Yes, one of the two things that should never be discussed in public. The other is politics.  Guess we don't go by that rule here do we? 
Honestly though, I usually don't try to get involved in this kind of thing. The problem is that some un-named parties seem to not be completely open to other people's views, and, as it seems to this person's method of thought, seem to try to downplay them.
I do, in-fact, agree with most of Scott's views, but I do not think that he should be 'imposing' them on other people of other religions who don't always agree with them.

*NOW,* I will post my stand on the subject.
First, a little background: I am a youth who is currently going through confirmation in a United Methodist church. I am having some issues with faith, but that is not something I wish to get into here. I shall write this as though I am a devout Christian.
My mother is/was a Quaker by upbringing, and as most of you probably know, Quakers are _completely_ anti-war. They are not even supposed/allowed to sign up in any of the armed forces. This gives me a strong anti-war foundation to build off of, and right now I am fairly strongly influenced by this.

My opinion is that you cannot use war to teach peace. If you want peace to must be prepared to cooperate with your enemy. Sure, you can go in and kill Saddam Hussein and tear down his government, but if you don't fix the underlying problem of anti-U.S. sentiment in most of the world (and particularly in the Mid-East) then the same thing is just going to happen all over again. I recently saw some figures to effect of only about 10% of the world's population, outside of the U.S. and Israel (which is, by the way, the only country in the world right now where the majority of the population supports the U.S. And this only because the U.S. has been perfectly _nasty_ to all of Israel's neighbors) support the U.S. and it's policies.

I do not go in for this 'preemptive action' thing from Mr. Bush, and I think that the arms inspections should have been allowed to continue. After all, Iraq had not, as of when the war started, attacked us, or anyone else. (And no, do not bring up the first Gulf War, etc.)
Now, if Iraq _had_ attacked us, then I think things would have been different.



> _Originally posted by ScottW _
> * I would bet $$$ that 95% of those who show up at a anti-war debate, don't really know all the details... they are only followers, with nothing better to do. *


I take offense to this. I am fairly certain that I know pretty much everything that is/has going/gone on in Iraq. Yet, I am still a confirmed anti-war protester.
I wear a button. It says 'War: not in my name' I have had many people come up to me and say 'Can I get one of those?' or 'I agree' or even just 'Thank you'. Things like that. I haven't had anyone come up and debate me or anything yet. (Maybe they just have the sense to keep quiet though  ) Now, I trust most of these people, and I do not think that they do not know the details. If anything, I would say that they probably know more about this thing than most pro-war people do. Of course most of these people are part of either my Quaker Meeting, or my Methodist church. Which leads me to my next point: I think that those Christians who are pro-war are significantly outnumbered by their anti-war brethren. Scott, you can argue this until the end of time, but I doubt that there are many people in either of my churches who are pro-war. Now assuming that these churches are even _close_ to a representation of most parishes out there, I would say that you are probably in a severe minority. I think that every person must make a choice some time or other. Having said that, I don't think you will be damned until the end of time because you are pro-violence. 

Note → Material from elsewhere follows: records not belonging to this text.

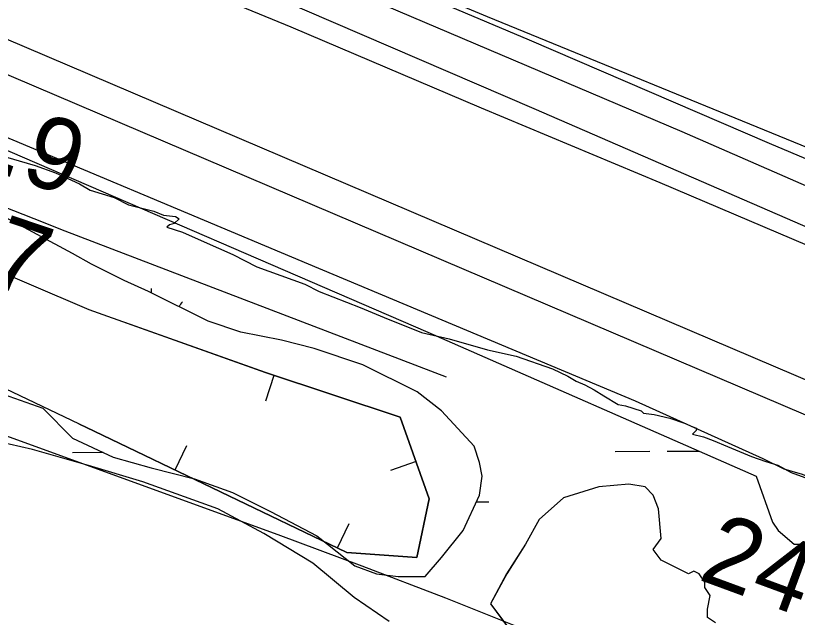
# Model space of a CAD drawing. Extents: x 3329297 to 3367176, y 649250 to 674653.
# Drawn here: x 3337023 to 3337745, y 671007 to 671563 of the extents above; entities that cross this region are included whole.
import ezdxf

# ---------------------------------------------------------------- set-up
doc = ezdxf.new("R2010")
doc.units = 0
for name, color, linetype in [('V-BORW-LINE', 7, 'Continuous'), ('V-LEVE-TOET', 7, 'Continuous'), ('V-RIVR-EDGE', 7, 'Continuous'), ('V-RIVR-RANG', 7, 'Continuous'), ('V-ROAD-CNTR', 7, 'Continuous'), ('V-SITE-VEGE', 7, 'Continuous'), ('V-SURV-LINE', 7, 'Continuous'), ('V-TOPO-MAJR', 7, 'Continuous'), ('V-TOPO-SHOR', 7, 'Continuous'), ('V-WETL-SWMP', 7, 'Continuous')]:
    doc.layers.add(name, color=color, linetype=linetype)

msp = doc.modelspace()

# ---------------------------------------------------------------- linework, layer by layer
at = {"layer": 'V-BORW-LINE'}
for p, q in [((3337261.34, 671230.61), (3337253.51, 671206.87)), ((3337169.91, 671143.17), (3337180.72, 671165.71)), ((3337392.71, 671150.96), (3337369.16, 671142.59)), ((3337320.11, 671071.1), (3337330.93, 671093.64))]:
    msp.add_line(p, q, dxfattribs=at)
for points in [[(3336137.13, 671704.9), (3336329.71, 671609.64), (3336446.55, 671579.02), (3336516.76, 671528.05), (3336660.06, 671480.86), (3336870.09, 671385.28), (3337090.13, 671291.42), (3337253.57, 671233.18), (3337378.09, 671192.1), (3337404.91, 671116.64), (3337393.5, 671062.16), (3337328.83, 671066.91), (3337095.24, 671179), (3336875.94, 671283.56), (3336663.33, 671355.4), (3336502.56, 671407.46), (3336272.56, 671492.78), (3336062.54, 671602.07)], [(3337080.86, 671185.86), (3337095.24, 671179), (3337328.83, 671066.91), (3337393.5, 671062.16), (3337404.91, 671116.64), (3337378.09, 671192.1), (3337253.57, 671233.18), (3337123.46, 671279.54)]]:
    msp.add_lwpolyline(points, dxfattribs=at)
at = {"layer": 'V-LEVE-TOET'}
for points in [[(3335803.12, 672183.55), (3335980.51, 672109.48), (3336073.36, 672067.84), (3336217.76, 672005.99), (3336352.53, 671946.93), (3336517.19, 671873.95), (3336710.98, 671786.23), (3336942.43, 671688.86), (3337134.25, 671611.38), (3337276.94, 671552.63), (3337452.78, 671477.7), (3337618.08, 671408.71), (3337810.05, 671327.27)], [(3340086.07, 669878.32), (3339928.04, 670005.5), (3339884.34, 670048.24), (3339817.4, 670097.22), (3339686.01, 670171.48), (3339507.75, 670267.73), (3339342.66, 670351.8), (3339186.35, 670434.62), (3338995.14, 670537.52), (3338794.67, 670646.24), (3338482.64, 670816.66), (3338239.58, 670927.07), (3338016.97, 671021.61), (3337749.83, 671139.03), (3337732.98, 671143.93), (3337713.57, 671153.49), (3337595.68, 671206.86), (3337293.29, 671333.23), (3336964.27, 671471.26), (3336549.79, 671644.86), (3336202.79, 671796.48), (3335798.63, 671978.49)]]:
    msp.add_lwpolyline(points, dxfattribs=at)
at = {"layer": 'V-RIVR-EDGE'}
msp.add_spline([(3339166.35, 669632.45), (3339148.52, 669636.37), (3339138.83, 669636.78), (3339122.94, 669641.48), (3339105.12, 669646.95), (3339096.99, 669652.01), (3339093.12, 669656.29), (3339089.26, 669664.44), (3339086.56, 669669.1), (3339078.82, 669674.94), (3339053.64, 669688.18), (3339028.47, 669702.21), (3339020.72, 669706.49), (3339018, 669704.17), (3339012.57, 669704.57), (3339008.7, 669708.07), (3339008.32, 669710.4), (3339007.94, 669713.12), (3339007.56, 669715.06), (3338988.58, 669723.63), (3338974.64, 669732.59), (3338973.09, 669734.53), (3338972.71, 669738.02), (3338974.27, 669740.35), (3338974.28, 669743.84), (3338966.94, 669753.94), (3338965.01, 669758.6), (3338963.85, 669760.54), (3338956.49, 669764.43), (3338944.87, 669769.5), (3338928.21, 669778.08), (3338920.86, 669785.07), (3338906.56, 669803.34), (3338897.28, 669814.22), (3338888, 669824.71), (3338880.26, 669833.26), (3338874.07, 669838.71), (3338867.87, 669840.27), (3338862.06, 669843), (3338858.57, 669843.01), (3338858.58, 669844.95), (3338858.24, 669867.83), (3338860.58, 669870.93), (3338861.75, 669873.25), (3338861.76, 669876.35), (3338860.21, 669879.46), (3338854.02, 669882.58), (3338849.02, 669903.14), (3338843.63, 669917.51), (3338832.81, 669931.11), (3338822.75, 669940.83), (3338804.56, 669955.22), (3338800.68, 669956.78), (3338796.03, 669956.79), (3338788.66, 669955.26), (3338782.44, 669952.17), (3338775.47, 669955.68), (3338770.44, 669960.35), (3338765.41, 669965.01), (3338754.18, 669972.41), (3338742.57, 669981.36), (3338728.24, 669988.76), (3338714.68, 669995), (3338701.13, 670003.56), (3338693.4, 670012.11), (3338687.99, 670020.27), (3338682.59, 670033.47), (3338677.18, 670040.46), (3338665.17, 670046.31), (3338655.1, 670048.66), (3338655.48, 670045.95), (3338653.54, 670045.56), (3338643.46, 670046.36), (3338635.32, 670050.26), (3338633, 670052.98), (3338626.41, 670055.33), (3338615.17, 670057.29), (3338608.97, 670058.08), (3338601.61, 670062.76), (3338592.32, 670069.37), (3338582.25, 670071.72), (3338574.11, 670074.46), (3338568.3, 670078.74), (3338562.5, 670084.57), (3338561.34, 670087.67), (3338554.75, 670088.85), (3338551.26, 670089.25), (3338548.94, 670091.97), (3338544.31, 670098.58), (3338517.19, 670108.73), (3338513.32, 670111.84), (3338511.39, 670115.72), (3338497.82, 670118.86), (3338480, 670125.88), (3338471.48, 670130.17), (3338466.45, 670134.83), (3338451.73, 670140.3), (3338441.26, 670142.65), (3338438.16, 670142.27), (3338431.18, 670145.39), (3338420.34, 670150.07), (3338407.93, 670152.43), (3338393.21, 670156.73), (3338378.49, 670165.69), (3338345.2, 670189.43), (3338316.55, 670206.56), (3338280.93, 670231.47), (3338237.55, 670254.45), (3338210.45, 670270.81), (3338182.57, 670289.88), (3338148.9, 670317.5), (3338126.07, 670336.94), (3338116.01, 670348.22), (3338106.73, 670356.77), (3338093.56, 670363.78), (3338076.9, 670368.87), (3338057.53, 670376.28), (3338042.81, 670383.3), (3338026.54, 670392.65), (3338007.18, 670402.39), (3337994, 670405.52), (3337971.52, 670413.34), (3337948.66, 670420.76), (3337916.51, 670434.03), (3337912.65, 670440.63), (3337911.11, 670448.78), (3337908.8, 670453.82), (3337904.54, 670455.77), (3337890.98, 670459.68), (3337883.62, 670464.74), (3337879.36, 670466.69), (3337872.38, 670467.1), (3337862.68, 670467.12), (3337849.88, 670465.99), (3337839.8, 670463.69), (3337826.22, 670462.56), (3337810.72, 670465.7), (3337802.19, 670469.21), (3337788.25, 670478.16), (3337779.73, 670480.51), (3337774.3, 670481.69), (3337768.89, 670486.74), (3337764.63, 670490.63), (3337755.72, 670494.92), (3337749.13, 670496.88), (3337745.26, 670497.27), (3337740.6, 670495.35), (3337738.66, 670496.13), (3337735.18, 670499.24), (3337729.76, 670503.52), (3337724.73, 670508.18), (3337720.08, 670512.07), (3337706.13, 670514.43), (3337677.86, 670531.18), (3337643.77, 670545.22), (3337600.78, 670567.05), (3337560.1, 670585.37), (3337510.14, 670611.87), (3337463.28, 670636.42), (3337442.36, 670644.22), (3337416.78, 670652.43), (3337405.55, 670657.5), (3337401.68, 670661.39), (3337400.13, 670663.33), (3337395.49, 670665.67), (3337388.89, 670666.07), (3337376.88, 670670.76), (3337362.94, 670677.77), (3337340.87, 670690.62), (3337309.5, 670706.99), (3337291.29, 670714.79), (3337276.18, 670722.97), (3337252.56, 670736.99), (3337220.04, 670756.85), (3337154.99, 670798.5), (3337124.41, 670821.07), (3337111.24, 670827.31), (3337094.19, 670832.78), (3337075.97, 670836.7), (3337050.39, 670842.59), (3337028.69, 670849.62), (3337007.78, 670860.53), (3336991.89, 670867.94), (3336983.37, 670871.06), (3336969.03, 670873.42), (3336939.95, 670875.43), (3336901.97, 670884.45), (3336863.6, 670895.79), (3336821.37, 670910.63), (3336786.5, 670926.23), (3336740.02, 670949.61), (3336682.31, 670976.12), (3336635.44, 670997.18), (3336603.68, 671013.55), (3336585.47, 671022.51), (3336583.15, 671026.4), (3336580.06, 671031.06), (3336576.19, 671034.56), (3336549.46, 671045.09), (3336500.24, 671058.01), (3336451.41, 671070.16), (3336425.44, 671074.49), (3336399.85, 671076.49), (3336361.07, 671078.91), (3336337.43, 671082.85), (3336313.4, 671088.34), (3336290.92, 671094.6), (3336280.46, 671097.34), (3336275.41, 671097.35), (3336257.58, 671097.39), (3336194.82, 671123.92), (3336129.35, 671154.33), (3336078.61, 671179.66), (3336032.91, 671203.04), (3335979.46, 671230.32), (3335943.05, 671245.54), (3335907.79, 671259.2), (3335894.23, 671264.66), (3335887.64, 671265.45), (3335873.31, 671273.63), (3335871.38, 671277.13), (3335862.86, 671281.41), (3335831.09, 671293.51), (3335799.33, 671308.72), (3335763.7, 671327.42), (3335724.58, 671346.9), (3335714.51, 671351.97), (3335703.27, 671355.1), (3335699.01, 671358.21), (3335680.04, 671369.9), (3335645.95, 671385.49), (3335603.71, 671399.17), (3335573.09, 671406.61), (3335518.06, 671419.93), (3335470.4, 671436.73), (3335433.98, 671449.62), (3335405.32, 671465.97), (3335397.96, 671471.03), (3335385.94, 671471.06), (3335366.94, 671468.78), (3335345.98, 671463.02), (3335338.62, 671464.59), (3335338.62, 671467.3), (3335339.03, 671475.83), (3335337.87, 671478.94), (3335334.39, 671482.05), (3335319.67, 671486.74), (3335303, 671491.05), (3335280.12, 671488.39), (3335259.15, 671479.52), (3335245.56, 671472.19), (3335233.15, 671471.44), (3335223.85, 671474.18), (3335210.68, 671481.97), (3335198.67, 671485.88), (3335156.4, 671487.53), (3335124.61, 671488.39), (3335114.13, 671484.92), (3335094.71, 671474.11), (3335085.4, 671473.36), (3335075.32, 671475.71), (3335065.63, 671477.67), (3335064.86, 671478.45), (3335067.59, 671483.1), (3335066.81, 671484.65), (3335063.72, 671489.31), (3335039.71, 671501.39), (3335020.73, 671509.2), (3335003.28, 671511.95), (3334994.76, 671515.46), (3334990.89, 671517.03), (3334963, 671533.38), (3334933.18, 671549.36), (3334916.12, 671551.34), (3334894.42, 671557.6), (3334863.43, 671571.25), (3334847.95, 671581.75), (3334834.78, 671587.99), (3334809.21, 671598.53), (3334767.76, 671617.24), (3334744.9, 671627.77), (3334711.2, 671642.2), (3334691.44, 671649.23), (3334670.12, 671653.16), (3334647.65, 671659.81), (3334620.14, 671672.29), (3334605.42, 671678.53), (3334581, 671683.24), (3334555.81, 671689.12), (3334542.23, 671688.38), (3334534.09, 671688.79), (3334531.39, 671696.55), (3334523.66, 671706.27), (3334505.85, 671714.84), (3334480.26, 671719.17), (3334460.49, 671721.93), (3334457, 671720.39), (3334455.05, 671716.91), (3334456.59, 671713.8), (3334463.19, 671714.56), (3334467.45, 671712.22), (3334467.44, 671710.28), (3334462.78, 671708.35), (3334446.88, 671706.84), (3334429.04, 671707.66), (3334403.46, 671713.93), (3334397.66, 671718.6), (3334391.46, 671722.88), (3334378.67, 671723.69), (3334340.28, 671727.27), (3334305.39, 671730.07), (3334290.26, 671730.11), (3334281.35, 671731.68), (3334271.66, 671734.81), (3334266.23, 671735.6), (3334258.08, 671732.9), (3334246.43, 671726.73), (3334241.39, 671726.35), (3334232.48, 671729.48), (3334218.91, 671729.9), (3334190.6, 671730.74), (3334178.97, 671731.94), (3334163.47, 671737.4), (3334156.1, 671736.65), (3334151.44, 671732.39), (3334148.33, 671732.4), (3334142.53, 671735.91), (3334132.83, 671736.32), (3334110.73, 671737.53), (3334106.86, 671739.48), (3334099.89, 671744.15), (3334081.28, 671748.08), (3334072.75, 671747.71), (3334041.74, 671753.61), (3334018.09, 671757.54), (3334010.35, 671760.28), (3333999.89, 671767.67), (3333992.15, 671771.95), (3333987.1, 671771.19), (3333984.38, 671768.48), (3333980.12, 671768.49), (3333976.64, 671772.77), (3333969.66, 671775.11), (3333958.81, 671778.24), (3333949.91, 671783.31), (3333945.64, 671782.93), (3333941.37, 671782.16), (3333931.3, 671788.01), (3333925.87, 671788.02), (3333915.4, 671788.82), (3333900.29, 671791.57), (3333878.2, 671798.61), (3333856.9, 671811.07), (3333845.68, 671822.73), (3333832.9, 671828.97), (3333818.18, 671834.82), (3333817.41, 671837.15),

Bad things would probably have happened if Saddam had remained in power, but bad things will certainly (and are already) happen from this war. These things that will cause great damage that will not always be easy to repair. But I am sure that we, with whatever God we choose to worship (or not, as the case may be) will find a peaceful solution in the end!


Okay, I think I am finished now!


----------



## ScottW (Mar 24, 2003)

Hmm... Let's see. I hang around w/ a bunch of people who are by their nature anti-war... therefore, I will cast a stone and vote that MORE people are anti-war than those who are anti anti-war.

::rollingeyes::

Man, good thing I don't need some quarters, cause not much cents is being made here.


----------



## Ugg (Mar 24, 2003)

I've kept quiet up til now on this topic, but will now say my piece, for what it is worth 

The assumption is here that everyone professes a religion.  I find that very presumptuous.  Sure, most people do but a lot don't nor should religion be equated with morality as they are two separate things.  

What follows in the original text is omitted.